The British Red Cross has said that the overcrowding in UK hospital emergency rooms has already become a humanitarian crisis and urged the government to allot more budget to provide social care for the elderly and the sick.

The country's National Health Service (NHS) was once described as the "closest thing the English have to a religion," as it provided free care for many Britons from cradle to the grave but it has been facing unprecedented strain in recent years, which unnecessarily puts lives at risk. Three patients recently died at a Worcestershire hospital.

NHS Winter Crisis

The constrained budget along with an ageing population and medical needs that become increasingly complex have left many hospitals struggling particularly during the winter season in recent years.

Shortage In Hospital Beds

Patients are being left to wait on trolleys sometimes for days due to shortage of hospital beds.

John Freeman, whose wife is recovering from stroke, said that his wife spent 38 hours on a trolley at the Worcestershire Royal Hospital.

"My wife was stuck on a trolley right next to the fire doors in a corridor and she couldn't get any sleep because of all the trolleys banging into the fire door going in and out," he said. "This is going back to the dark ages almost."

Red Cross Helps Address Hospital Crowding

Red Cross claims that cuts to social-care funding mean that some patients cannot be discharged because there is no available support. It has sent volunteers in several areas of the country to help patients go home and free up some of the hospital beds. It also offered "support at home" to help ease the pressure on hospitals.

The volunteers visit trusts to find out the social care needs that the patients would have when they are discharged. They then visit the patients at home to assist them with tasks, which include doing shopping and collecting prescriptions.

Unaddressed Needs Of The Elderly

British Red Cross chief executive Mike Adamson said that the charity has seen people being sent to their homes without clothes, some are not washed because there are no carers to help, and some even suffered falls and are not found for days.

Adamson said that not receiving the care that they need and deserve would only prompt people to return to the hospitals again.

Crisis Not At A Level Of Humanitarian Crisis

The NHS rejected Red Cross' description.
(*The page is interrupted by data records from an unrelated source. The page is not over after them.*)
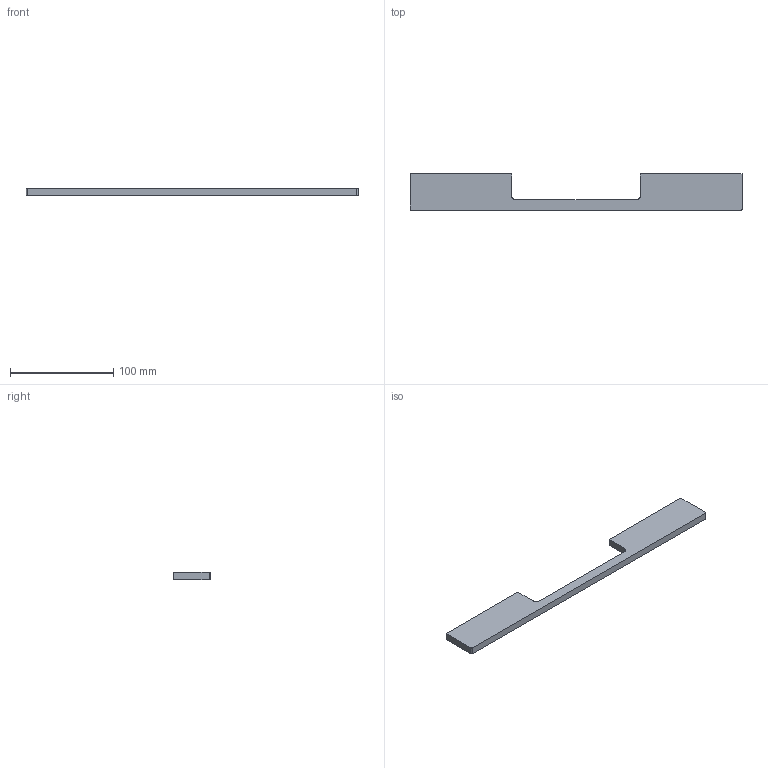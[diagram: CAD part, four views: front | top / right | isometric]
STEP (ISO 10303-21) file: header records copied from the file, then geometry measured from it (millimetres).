
FILE_DESCRIPTION( ( '' ), '1' );
FILE_NAME( 'C:/Documents and Settings/Nikhil/Desktop/Nik/Done/115015.stp', '2013-10-24T06:17:23', ( '' ), ( '' ), ' ', ' ', ' ' );
FILE_SCHEMA( ( 'automotive_design' ) );
Length unit declared in the file: millimetre
Products named in the file (1): 1
Bounding box: 322 x 35 x 7 mm (x, y, z)
Volume: 56859 mm3; surface area: 21821.9 mm2
Topology: 1 solids, 1 shells, 20 faces, 48 edges, 32 vertices
Faces by surface type: plane 12, cylinder 8
Entity records: 1172 total; most frequent: DIRECTION 106, STYLED_ITEM 101, PRESENTATION_STYLE_ASSIGNMENT 101, CARTESIAN_POINT 101, COLOUR_RGB 101, ORIENTED_EDGE 96, EDGE_CURVE 48, CURVE_STYLE 48
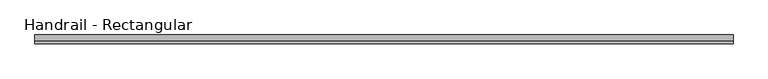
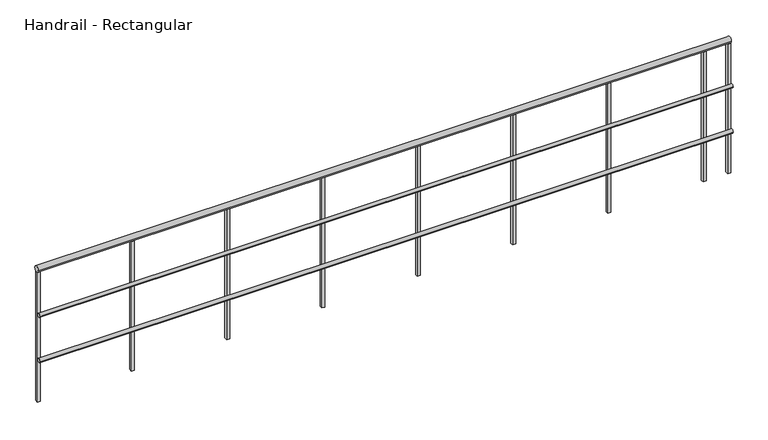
"""IFC4 building model written with IfcOpenShell, lengths in millimetres: railing geometry, Handrail - Rectangular."""

from ifc_helpers import new_model, si_unit, point, frame, frame_2d, origin, place, context, project, spatial, polyline, circle_curve, trimmed, segment, composite_curve, outline, extrude, source, transform, mapped, element, save


def handrail_rectangular_501bc58b(model_context):
    return source(origin(), model_context, "Body", "SweptSolid", [
        extrude(outline(composite_curve([segment(trimmed(circle_curve(frame_2d((-35578.5683133, 9740.9)), 12.7), [point((-35591.2683133, 9740.9))], [point((-35565.8683133, 9740.9))], False, "CARTESIAN"), True, "CONTINUOUS"), segment(trimmed(circle_curve(frame_2d((-35578.5683133, 9740.9)), 12.7), [point((-35565.8683133, 9740.9))], [point((-35591.2683133, 9740.9))], False, "CARTESIAN"), True, "CONTINUOUS")], self_intersect=False)), frame((-3862.3589563, 0.0, 0.0), z_axis=(1.0, 0.0, 0.0), x_axis=(0.0, 1.0, 0.0)), (0.0, 0.0, 1.0), 4432.3),
        extrude(outline(composite_curve([segment(trimmed(circle_curve(frame_2d((-35578.5683133, 9436.1)), 12.7), [point((-35591.2683133, 9436.1))], [point((-35565.8683133, 9436.1))], False, "CARTESIAN"), True, "CONTINUOUS"), segment(trimmed(circle_curve(frame_2d((-35578.5683133, 9436.1)), 12.7), [point((-35565.8683133, 9436.1))], [point((-35591.2683133, 9436.1))], False, "CARTESIAN"), True, "CONTINUOUS")], self_intersect=False)), frame((-3862.3589563, 0.0, 0.0), z_axis=(1.0, 0.0, 0.0), x_axis=(0.0, 1.0, 0.0)), (0.0, 0.0, 1.0), 4432.3),
        extrude(outline(composite_curve([segment(trimmed(circle_curve(frame_2d((-35553.1683133, 10039.35)), 19.05), [point((-35572.2183133, 10039.35))], [point((-35534.1183133, 10039.35))], False, "CARTESIAN"), True, "CONTINUOUS"), segment(trimmed(circle_curve(frame_2d((-35553.1683133, 10039.35)), 19.05), [point((-35534.1183133, 10039.35))], [point((-35572.2183133, 10039.35))], False, "CARTESIAN"), True, "CONTINUOUS")], self_intersect=False)), frame((-3862.3589563, 0.0, 0.0), z_axis=(1.0, 0.0, 0.0), x_axis=(0.0, 1.0, 0.0)), (0.0, 0.0, 1.0), 4432.3),
        extrude(outline(polyline([(395.3160437, -35543.6433133), (414.3660437, -35543.6433133), (414.3660437, -35562.6933133), (395.3160437, -35562.6933133), (395.3160437, -35543.6433133)])), frame((0.0, 0.0, 9144.0), z_axis=(0.0, 0.0, 1.0), x_axis=(1.0, 0.0, 0.0)), (0.0, 0.0, 1.0), 876.3),
        extrude(outline(polyline([(-214.2839563, -35543.6433133), (-195.2339563, -35543.6433133), (-195.2339563, -35562.6933133), (-214.2839563, -35562.6933133), (-214.2839563, -35543.6433133)])), frame((0.0, 0.0, 9144.0), z_axis=(0.0, 0.0, 1.0), x_axis=(1.0, 0.0, 0.0)), (0.0, 0.0, 1.0), 876.3),
        extrude(outline(polyline([(-823.8839563, -35543.6433133), (-804.8339563, -35543.6433133), (-804.8339563, -35562.6933133), (-823.8839563, -35562.6933133), (-823.8839563, -35543.6433133)])), frame((0.0, 0.0, 9144.0), z_axis=(0.0, 0.0, 1.0), x_axis=(1.0, 0.0, 0.0)), (0.0, 0.0, 1.0), 876.3),
        extrude(outline(polyline([(-1433.4839563, -35543.6433133), (-1414.4339563, -35543.6433133), (-1414.4339563, -35562.6933133), (-1433.4839563, -35562.6933133), (-1433.4839563, -35543.6433133)])), frame((0.0, 0.0, 9144.0), z_axis=(0.0, 0.0, 1.0), x_axis=(1.0, 0.0, 0.0)), (0.0, 0.0, 1.0), 876.3),
        extrude(outline(polyline([(-2043.0839563, -35543.6433133), (-2024.0339563, -35543.6433133), (-2024.0339563, -35562.6933133), (-2043.0839563, -35562.6933133), (-2043.0839563, -35543.6433133)])), frame((0.0, 0.0, 9144.0), z_axis=(0.0, 0.0, 1.0), x_axis=(1.0, 0.0, 0.0)), (0.0, 0.0, 1.0), 876.3),
        extrude(outline(polyline([(-2652.6839563, -35543.6433133), (-2633.6339563, -35543.6433133), (-2633.6339563, -35562.6933133), (-2652.6839563, -35562.6933133), (-2652.6839563, -35543.6433133)])), frame((0.0, 0.0, 9144.0), z_axis=(0.0, 0.0, 1.0), x_axis=(1.0, 0.0, 0.0)), (0.0, 0.0, 1.0), 876.3),
        extrude(outline(polyline([(-3262.2839563, -35543.6433133), (-3243.2339563, -35543.6433133), (-3243.2339563, -35562.6933133), (-3262.2839563, -35562.6933133), (-3262.2839563, -35543.6433133)])), frame((0.0, 0.0, 9144.0), z_axis=(0.0, 0.0, 1.0), x_axis=(1.0, 0.0, 0.0)), (0.0, 0.0, 1.0), 876.3),
        extrude(outline(polyline([(550.8910437, -35543.6433133), (569.9410437, -35543.6433133), (569.9410437, -35562.6933133), (550.8910437, -35562.6933133), (550.8910437, -35543.6433133)])), frame((0.0, 0.0, 9144.0), z_axis=(0.0, 0.0, 1.0), x_axis=(1.0, 0.0, 0.0)), (0.0, 0.0, 1.0), 876.3),
        extrude(outline(polyline([(-3862.3589563, -35543.6433133), (-3843.3089563, -35543.6433133), (-3843.3089563, -35562.6933133), (-3862.3589563, -35562.6933133), (-3862.3589563, -35543.6433133)])), frame((0.0, 0.0, 9144.0), z_axis=(0.0, 0.0, 1.0), x_axis=(1.0, 0.0, 0.0)), (0.0, 0.0, 1.0), 876.3),
    ])


if __name__ == "__main__":
    model = new_model("IFC4")
    model_context = context("Model", 3, world=origin())
    ifc_project = project(units=[si_unit("LENGTHUNIT", "METRE", prefix="MILLI")], contexts=[model_context])
    site = spatial("IfcSite", under=ifc_project)
    building = spatial("IfcBuilding", under=site)
    placement = place(None, origin())
    handrail_rectangular_shape = handrail_rectangular_501bc58b(model_context)
    element("IfcRailing", 1, ObjectType="Handrail - Rectangular", at=placement, inside=building, context=model_context, shape_type="MappedRepresentation", body=[
        mapped(handrail_rectangular_shape, transform((0.0, 0.0, 0.0), x_axis=(1.0, 0.0, 0.0), y_axis=(0.0, 1.0, 0.0), z_axis=(0.0, 0.0, 1.0))),
    ])
    save(model, "model.ifc")
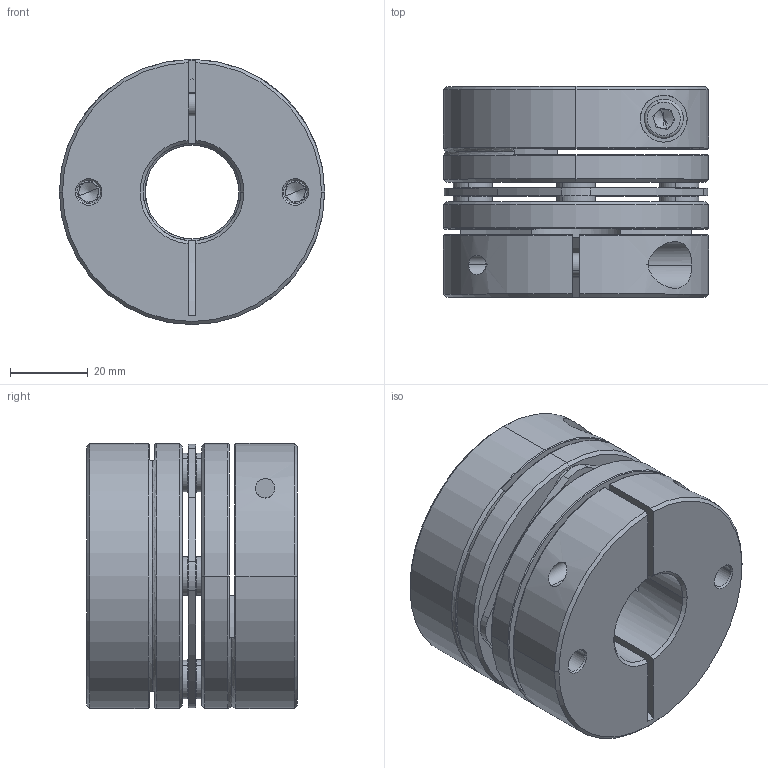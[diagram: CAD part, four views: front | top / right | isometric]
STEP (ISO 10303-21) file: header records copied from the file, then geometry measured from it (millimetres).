
FILE_DESCRIPTION (( 'STEP AP203' ), '1' );
FILE_NAME ('LD1-D68-24-25.STEP', '2021-10-26T08:00:42', ( '' ), ( '' ), 'SwSTEP 2.0', 'SolidWorks 2018', '' );
FILE_SCHEMA (( 'CONFIG_CONTROL_DESIGN' ));
Length unit declared in the file: millimetre
Products named in the file (2): 錨璃101^LD1-D68; LD1-D68-24-25
Assembly tree (1 placements, depth 2):
  LD1-D68-24-25
    錨璃101^LD1-D68
Bounding box: 68 x 54 x 68 mm (x, y, z)
Volume: 143853.6 mm3; surface area: 46201.6 mm2
Topology: 1 solids, 15 shells, 441 faces, 1047 edges, 642 vertices
Faces by surface type: cylinder 161, plane 136, cone 122, torus 22
Entity records: 13321 total; most frequent: CARTESIAN_POINT 2590, DIRECTION 2405, ORIENTED_EDGE 2062, EDGE_CURVE 1031, AXIS2_PLACEMENT_3D 977, VERTEX_POINT 642, CIRCLE 532, EDGE_LOOP 521
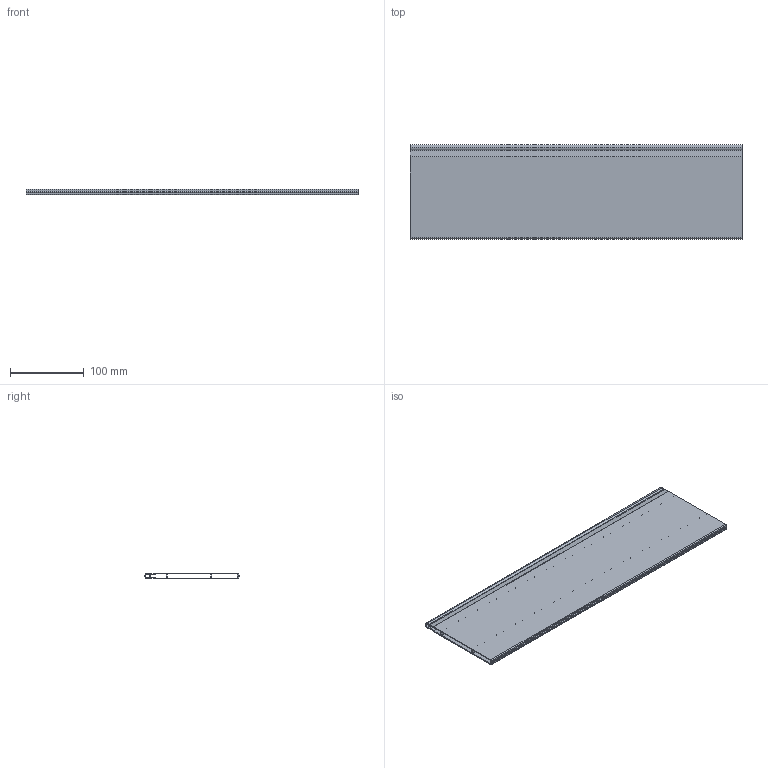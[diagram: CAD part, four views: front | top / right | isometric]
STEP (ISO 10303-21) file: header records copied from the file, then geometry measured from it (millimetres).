
FILE_DESCRIPTION (( 'STEP AP214' ), '1' );
FILE_NAME ('_Magic Optima Unterteilungsprofil DWD XP Agantis_Nova Pro KAB 600.step', '2010-08-17T12:26:46', ( 'grass' ), ( '' ), 'SwSTEP 2.0', 'SolidWorks 2010', '' );
FILE_SCHEMA (( 'AUTOMOTIVE_DESIGN' ));
Length unit declared in the file: millimetre
Products named in the file (1): _Magic Optima Unterteilungsprofil DWD XP Agantis_Nova Pro  KAB 600
Bounding box: 450 x 127.7 x 8.1 mm (x, y, z)
Volume: 157735.5 mm3; surface area: 244690.4 mm2
Topology: 1 solids, 1 shells, 39 faces, 111 edges, 74 vertices
Faces by surface type: plane 22, cylinder 17
Entity records: 1325 total; most frequent: DIRECTION 225, CARTESIAN_POINT 225, ORIENTED_EDGE 222, EDGE_CURVE 111, LINE 77, VECTOR 77, AXIS2_PLACEMENT_3D 74, VERTEX_POINT 74

Health service managers and government supporters also said that the charity is exaggerating the scale of the problem.

Keith Willett, NHS England's Director for Acute Care, said that demand is at its highest levels and that staff members are under unprecedented pressure but he does not think that the service is at a level of a humanitarian crisis.

"On the international scale of a humanitarian crisis, I don't think the NHS is at that point. Clearly, demand is at the highest level ever," Willett said. "But also our planning is probably more comprehensive than it has ever been."